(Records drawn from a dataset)
◆ ◆ ◆ ◆ ◆ ◆ ◆

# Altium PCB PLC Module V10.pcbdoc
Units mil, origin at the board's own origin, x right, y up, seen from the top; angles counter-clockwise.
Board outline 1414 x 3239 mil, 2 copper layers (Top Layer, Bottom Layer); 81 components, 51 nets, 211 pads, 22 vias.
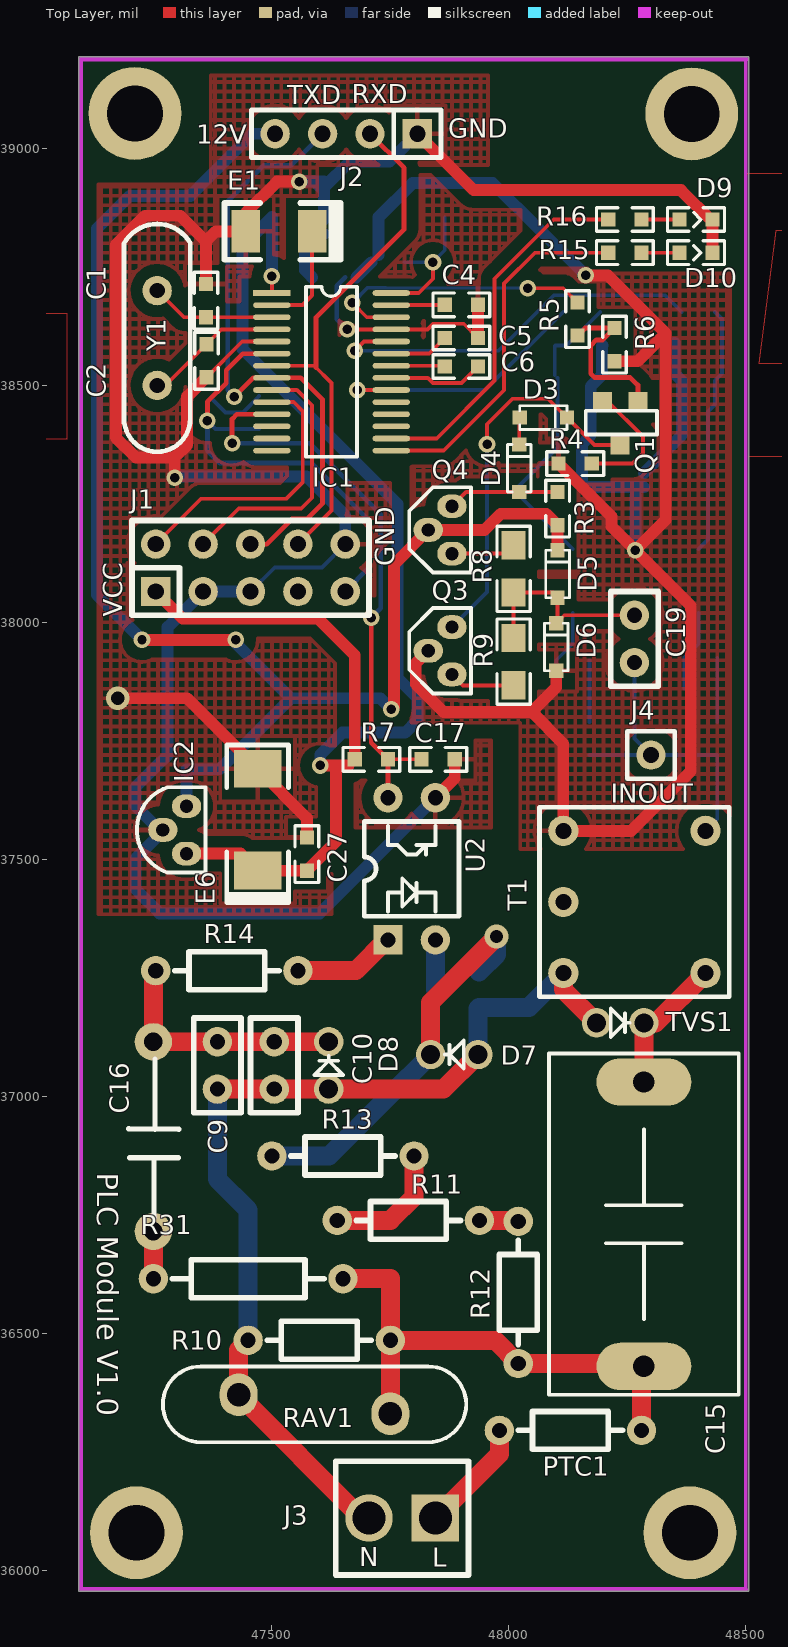
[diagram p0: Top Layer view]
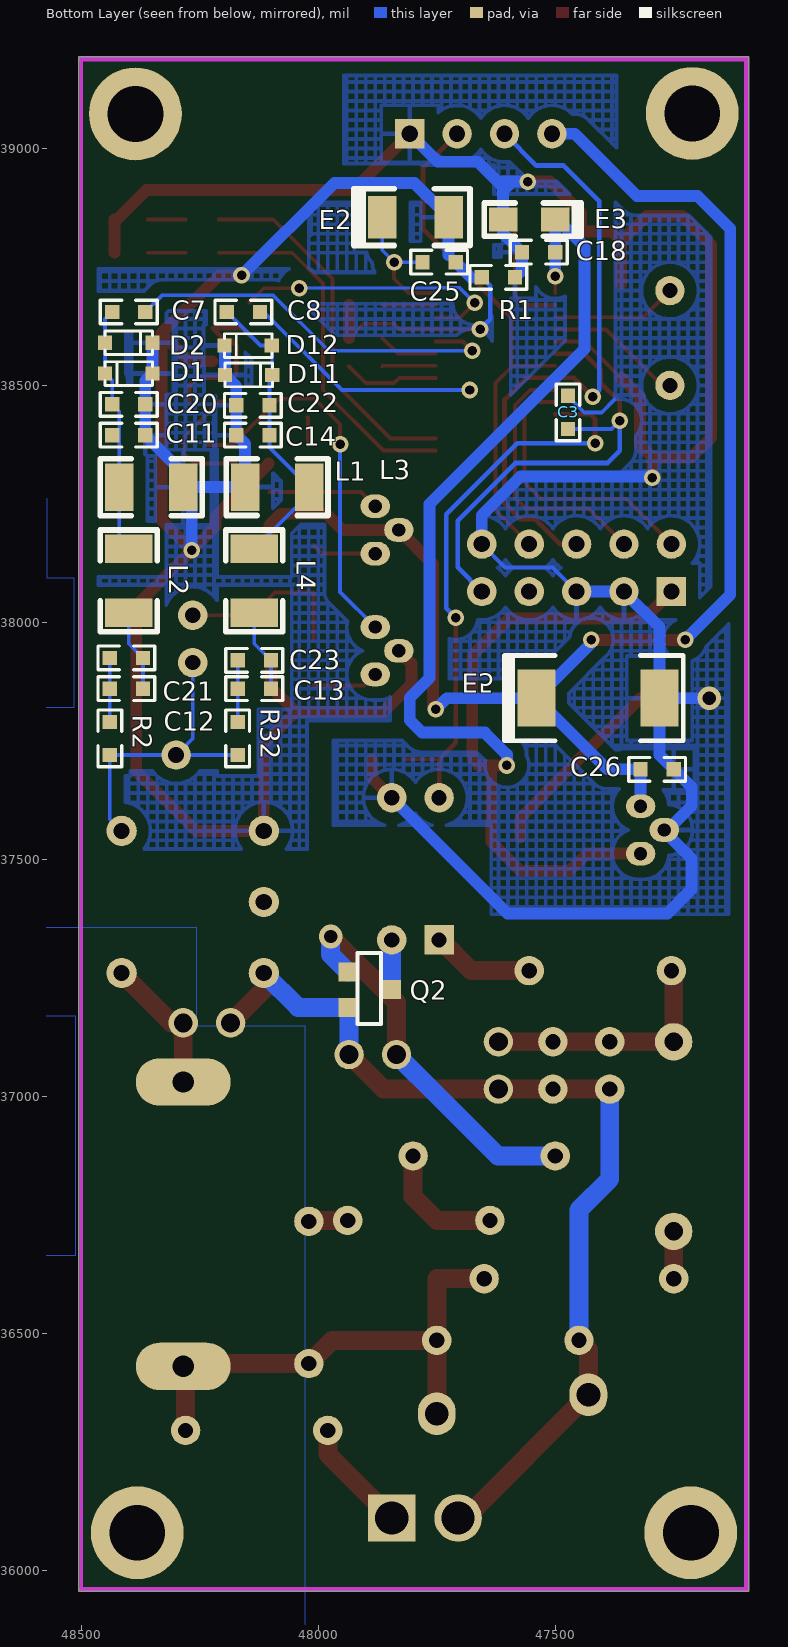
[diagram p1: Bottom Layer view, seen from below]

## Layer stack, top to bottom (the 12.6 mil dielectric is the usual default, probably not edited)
Top Layer: signal copper 1.4
Dielectric: core 12.6, FR-4, Dk 4.8
Bottom Layer: signal copper 1.4

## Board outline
47092,35955 48506,35955 48506,39194 47092,39194

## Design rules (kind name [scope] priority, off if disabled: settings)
Clearance [All] p1: gap=8
PolygonConnect [All] p1: connectstyle=Relief reliefconductorwidth=10 reliefentries=4 polygonreliefangle="90 Angle"
RoutingVias [All] p1: holewidth=28 width=50 viastyle="Through Hole" minholewidth=28 minwidth=50 maxholewidth=28 maxwidth=50
SilkscreenOverComponentPads [All] p1: minsilkscreentomaskgap=10
SolderMaskExpansion [All] p1: expansion=4
Width [All] p1: maxlimit=40 minlimit=8 preferedwidth=8
27 further rules are at their usual default settings.

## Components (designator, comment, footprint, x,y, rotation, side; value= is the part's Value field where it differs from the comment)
C1 "12p" 0603#1 47361,38644 r90 top
C2 "12p" 0603#1 47362,38587 r270 top
C3 "104" 0603#1 47473,38408 r90 bottom
C4 "0.1uF" 0603#1 47865,38670 r0 top
C5 "0.1uF" 0603#1 47865,38600 r0 top
C6 "0.1uF" 0603#1 47935,38540 r180 top
C7 "0.1uF" 0603#1 48365,38655 r0 bottom
C8 "0.1uF" 0603#1 48123,38655 r0 bottom
C9 "0.1uF" RAD0.1 47385,37015 r90 top
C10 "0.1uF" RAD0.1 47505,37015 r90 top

◆ ◆ ◆ ◆ ◆ ◆ ◆

ACTIVITY: Each line of the data in which the string "diagram" appears needs to be copied.

RESPONSE:
[diagram p0: Top Layer view]
[diagram p1: Bottom Layer view, seen from below]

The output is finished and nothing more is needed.